Darlyn found tickets direct at half price, from Seatac to Amsterdam to visit their warm and generous kin who had prepared for a week of hosting six people. A second week was planned north of Amsterdam to become “tourists”. So we were off to a friendly, comfortable, and fantastic adventure, so delightful and heartwarming, May 27 through June 9, 2018.

Koert Jr. had helped Koert and Altje prepare themselves for hosting SIX folks, and a wonderful time ensued. Roger was the designated driver for a big van rented purposely to accommodate all of us on our excursions to get acquainted with a European country.

Pictures and descriptions of the Dutch and Holland are very true, from the reclamations of land and hydraulic engineering fame, to the tulip fields, the Holstein-Friesian cattle and the windmills, now replaced by hundreds of new electric energy “windmills”.

Our first impression, which pictures cannot show, was the absolute flatness and the bigness of The Netherlands. And it all is so green, so clean, and so colorfully bricked and flowered.

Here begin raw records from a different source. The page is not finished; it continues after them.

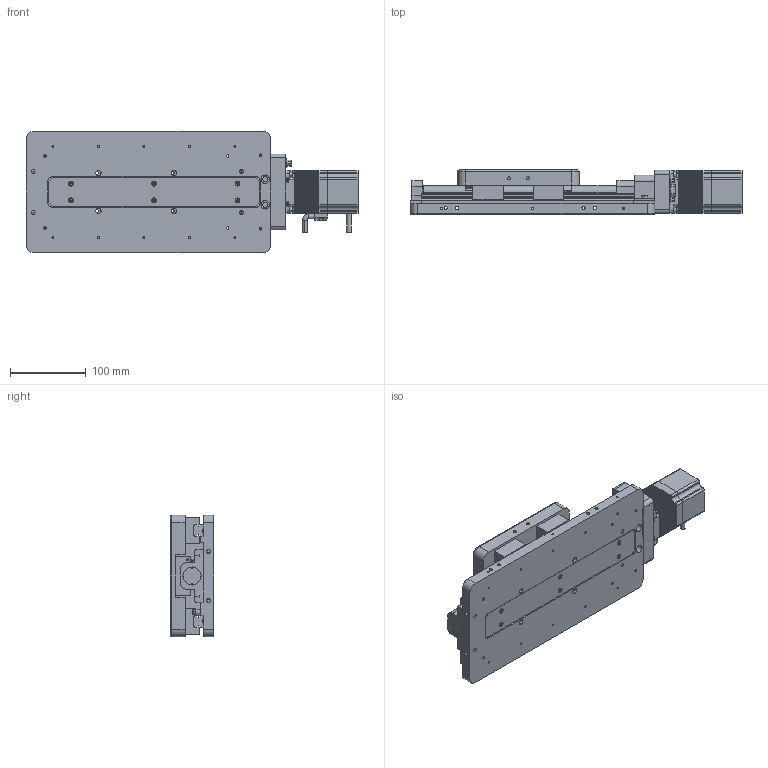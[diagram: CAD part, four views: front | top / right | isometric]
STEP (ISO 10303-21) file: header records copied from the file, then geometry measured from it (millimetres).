
FILE_DESCRIPTION (( 'STEP AP203' ), '1' );
FILE_NAME ('7STA09100Cµç¶¯Æ½ÒÆÌ¨.STEP', '2022-04-14T05:21:25', ( '' ), ( '' ), 'SwSTEP 2.0', 'SolidWorks 2018', '' );
FILE_SCHEMA (( 'CONFIG_CONTROL_DESIGN' ));
Length unit declared in the file: millimetre
Products named in the file (1): 7STA09100C萇雄す痄怢
Bounding box: 438 x 58 x 160 mm (x, y, z)
Surface area: 322870.4 mm2 (no closed solid volume)
Topology: 0 solids, 289 shells, 2687 faces, 8973 edges, 6409 vertices
Faces by surface type: plane 1260, cylinder 1237, torus 86, cone 60, sphere 30, bspline 14
Entity records: 97069 total; most frequent: CARTESIAN_POINT 20127, DIRECTION 17228, ORIENTED_EDGE 12600, EDGE_CURVE 8879, VERTEX_POINT 6373, AXIS2_PLACEMENT_3D 5952, VECTOR 5324, LINE 5324
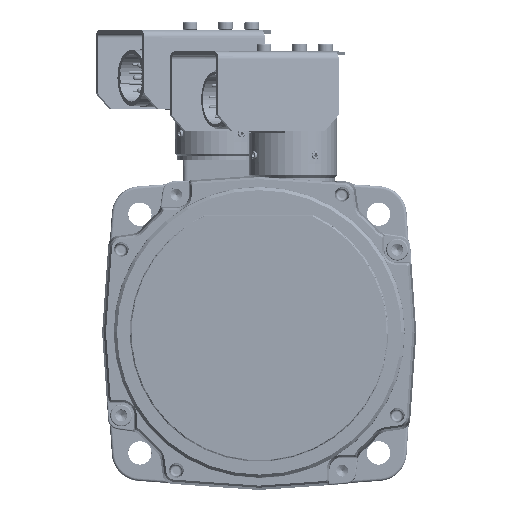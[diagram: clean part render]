
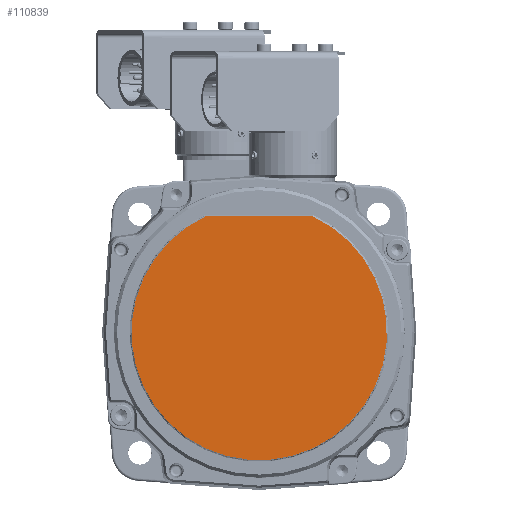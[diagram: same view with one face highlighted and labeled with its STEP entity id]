
A CAD part, top view. The second image highlights one B-rep face of the part: STEP entity #110839.
In plain terms, the highlighted planar face has unit normal (0, 0, 1).
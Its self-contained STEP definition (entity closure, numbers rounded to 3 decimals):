
#103411=CARTESIAN_POINT('',(0.,0.,63.9));
#103412=DIRECTION('',(0.,0.,-1.));
#103413=DIRECTION('',(0.418,0.908,0.));
#103414=AXIS2_PLACEMENT_3D('',#103411,#103412,#103413);
#103423=DIRECTION('',(-1.,0.,0.));
#103424=VECTOR('',#103423,41.125);
#103425=CARTESIAN_POINT('',(20.562,44.7,63.9));
#103426=LINE('',#103425,#103424);
#104087=CARTESIAN_POINT('',(20.562,44.7,63.9));
#104088=CARTESIAN_POINT('',(-20.562,44.7,63.9));
#104089=VERTEX_POINT('',#104087);
#104090=VERTEX_POINT('',#104088);
#110830=CARTESIAN_POINT('',(0.,0.,63.9));
#110831=DIRECTION('',(0.,0.,1.));
#110832=DIRECTION('',(1.,0.,0.));
#110833=AXIS2_PLACEMENT_3D('',#110830,#110831,#110832);
#110834=PLANE('',#110833);
#110835=ORIENTED_EDGE('',*,*,#110809,.T.);
#110836=ORIENTED_EDGE('',*,*,#110821,.F.);
#110837=EDGE_LOOP('',(#110835,#110836));
#110838=FACE_OUTER_BOUND('',#110837,.F.);
#110839=ADVANCED_FACE('',(#110838),#110834,.T.);
#103415=CIRCLE('',#103414,49.203);
#110809=EDGE_CURVE('',#104089,#104090,#103415,.T.);
#110821=EDGE_CURVE('',#104089,#104090,#103426,.T.);
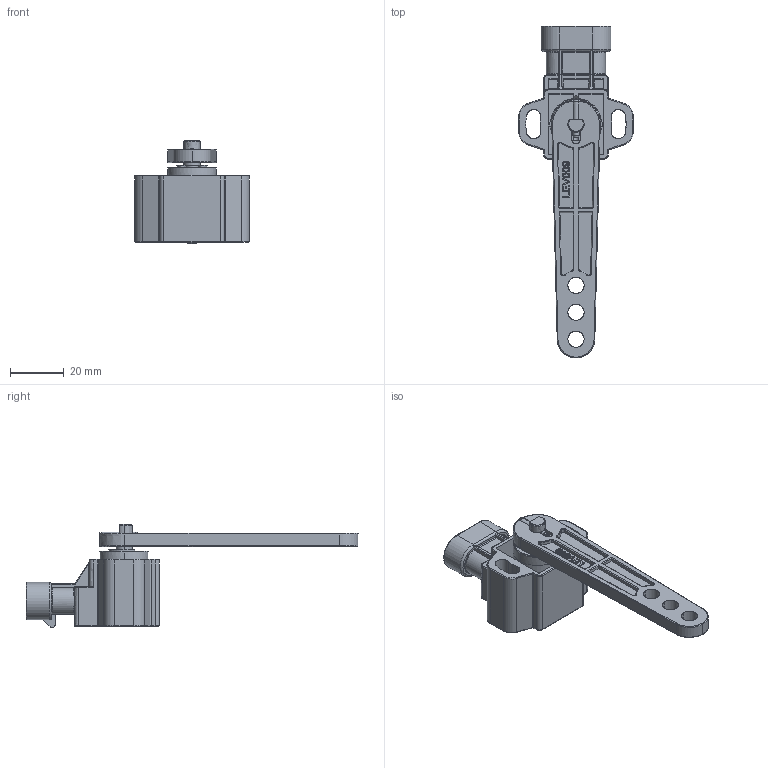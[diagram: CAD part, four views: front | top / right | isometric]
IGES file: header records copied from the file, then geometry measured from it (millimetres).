
Start section: SolidWorks IGES file using analytic representation for surfaces
Global section: file name: \\srv4gefran\dir-cat\Disegni Catalogo\Mobile\GR3P\GR3P 32\3D\Solidworks 2024\GR3PA S3E2MS xxx xxxx D0.IGS; native system: SolidWorks 2024; preprocessor: SolidWorks 2024; author: Loda-w1; date: 241219.154046; units: millimetre
Bounding box: 42.5 x 123.5 x 38.47 mm (x, y, z)
Surface area: 16874.4 mm2 (no closed solid volume)
Topology: 0 solids, 0 shells, 758 faces, 7046 edges, 7019 vertices
Faces by surface type: bspline 420, revolution 338
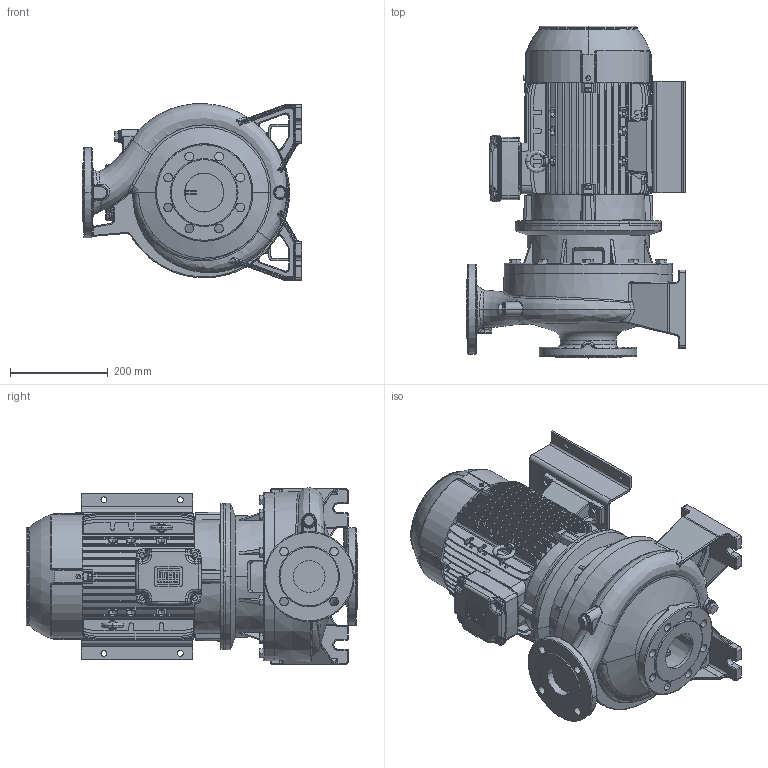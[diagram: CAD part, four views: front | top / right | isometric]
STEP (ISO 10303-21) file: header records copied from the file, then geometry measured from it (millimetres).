
FILE_DESCRIPTION (( 'STEP AP214' ), '1' );
FILE_NAME ('3LS4 65-250_5.5_(132S)_W21.STEP', '2026-10-05T01:34:04', ( '' ), ( '' ), 'SwSTEP 2.0', 'SolidWorks 2024', '' );
FILE_SCHEMA (( 'AUTOMOTIVE_DESIGN' ));
Length unit declared in the file: inch
Products named in the file (3): 3LS4 65-250_5.5_(132S)_W21; 132S ALIE3_W21T_B35; 3SF4_65-250_5_5
Assembly tree (2 placements, depth 2):
  3LS4 65-250_5.5_(132S)_W21
    3SF4_65-250_5_5
    132S ALIE3_W21T_B35
Bounding box: 450 x 680.65 x 362.27 mm (x, y, z)
Volume: 36057114.7 mm3; surface area: 2356386.8 mm2
Topology: 10 solids, 10 shells, 4228 faces, 10778 edges, 6878 vertices
Faces by surface type: plane 2688, cylinder 730, bspline 368, torus 238, cone 158, sphere 46
Entity records: 160677 total; most frequent: CARTESIAN_POINT 61701, ORIENTED_EDGE 21508, DIRECTION 18863, EDGE_CURVE 10754, VECTOR 7145, LINE 7145, VERTEX_POINT 6878, AXIS2_PLACEMENT_3D 5859
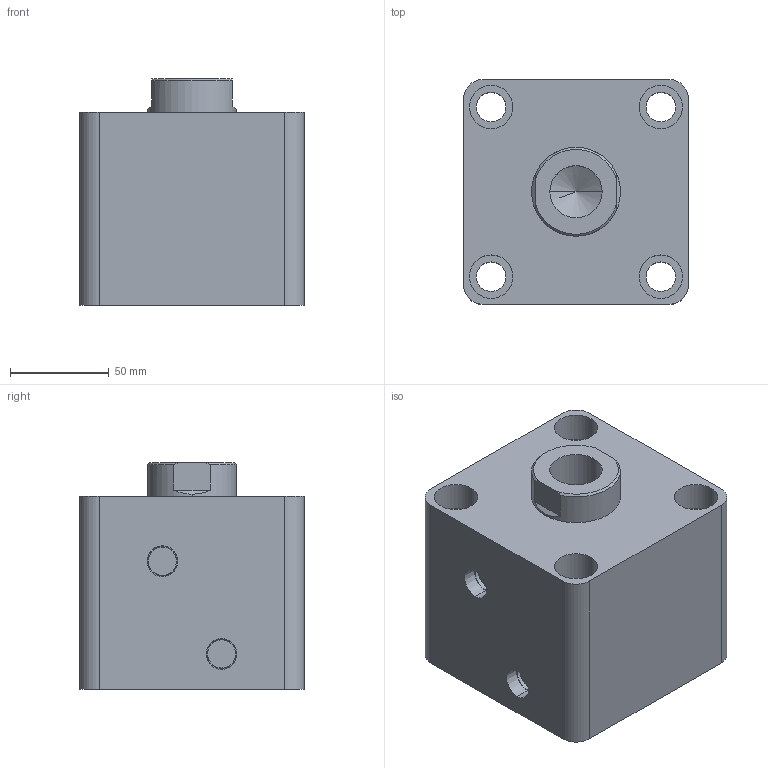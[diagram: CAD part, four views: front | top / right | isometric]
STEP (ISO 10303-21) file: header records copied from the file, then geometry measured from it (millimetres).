
FILE_DESCRIPTION (( 'STEP AP203' ), '1' );
FILE_NAME ('HTB-SD80-20N.STEP', '2019-10-07T08:14:22', ( '微软用户' ), ( '微软中国' ), 'SwSTEP 2.0', 'SolidWorks 2012', '' );
FILE_SCHEMA (( 'CONFIG_CONTROL_DESIGN' ));
Length unit declared in the file: millimetre
Products named in the file (3): HTB-SD80-20N; HTB-SD80-20N活塞杆; HTB-SD80-20掛极
Assembly tree (2 placements, depth 2):
  HTB-SD80-20N
    HTB-SD80-20掛极
    HTB-SD80-20N活塞杆
Bounding box: 114 x 114 x 115 mm (x, y, z)
Volume: 1104555.2 mm3; surface area: 143942.4 mm2
Topology: 2 solids, 2 shells, 83 faces, 184 edges, 119 vertices
Faces by surface type: cylinder 42, plane 27, cone 8, torus 6
Entity records: 2655 total; most frequent: DIRECTION 456, CARTESIAN_POINT 417, ORIENTED_EDGE 364, AXIS2_PLACEMENT_3D 194, EDGE_CURVE 182, VERTEX_POINT 119, EDGE_LOOP 107, CIRCLE 106

Every home, seemingly, has a flower garden yard (few lawns are seen except in parks), and yards are hedged by tidy trimmed plantings. There is no plastic or garbage by the roads, and also no graveled roads.

From three-lane highways out of Amsterdam, all along many large canals, which flow out of Amsterdam in a wheel-like pattern, to the narrow bricked or cobbled roads which turn in surprising fashion into the countryside, there are hundreds of bicycles which “have the right-of-way”. Young and old in Holland ride bicycles everywhere, and the towns have parking lots “for bikes” in all of them.

Alarmingly, to us, there are dozens of big semi-trucks on all the roads, narrow or wide, and it is a driver’s lot to get out of their way and not hit a bicycle while you are doing so. Fun! Roger said, “It is white-knuckle driving”. Interesting, and very readable, are all the license plates on Dutch vehicles. They are 20 or so inches wide in bright yellow with big black lettering and on every vehicle-very. Easy for anyone to read accurately!

The Snitjers were very prepared for us. Koert, Jr. joined us every day also, and we were given a tour of our “home” which featured a flower-garden front, a west-side fish pond with goldfish and a foot bridge to “the back” and a huge garden area.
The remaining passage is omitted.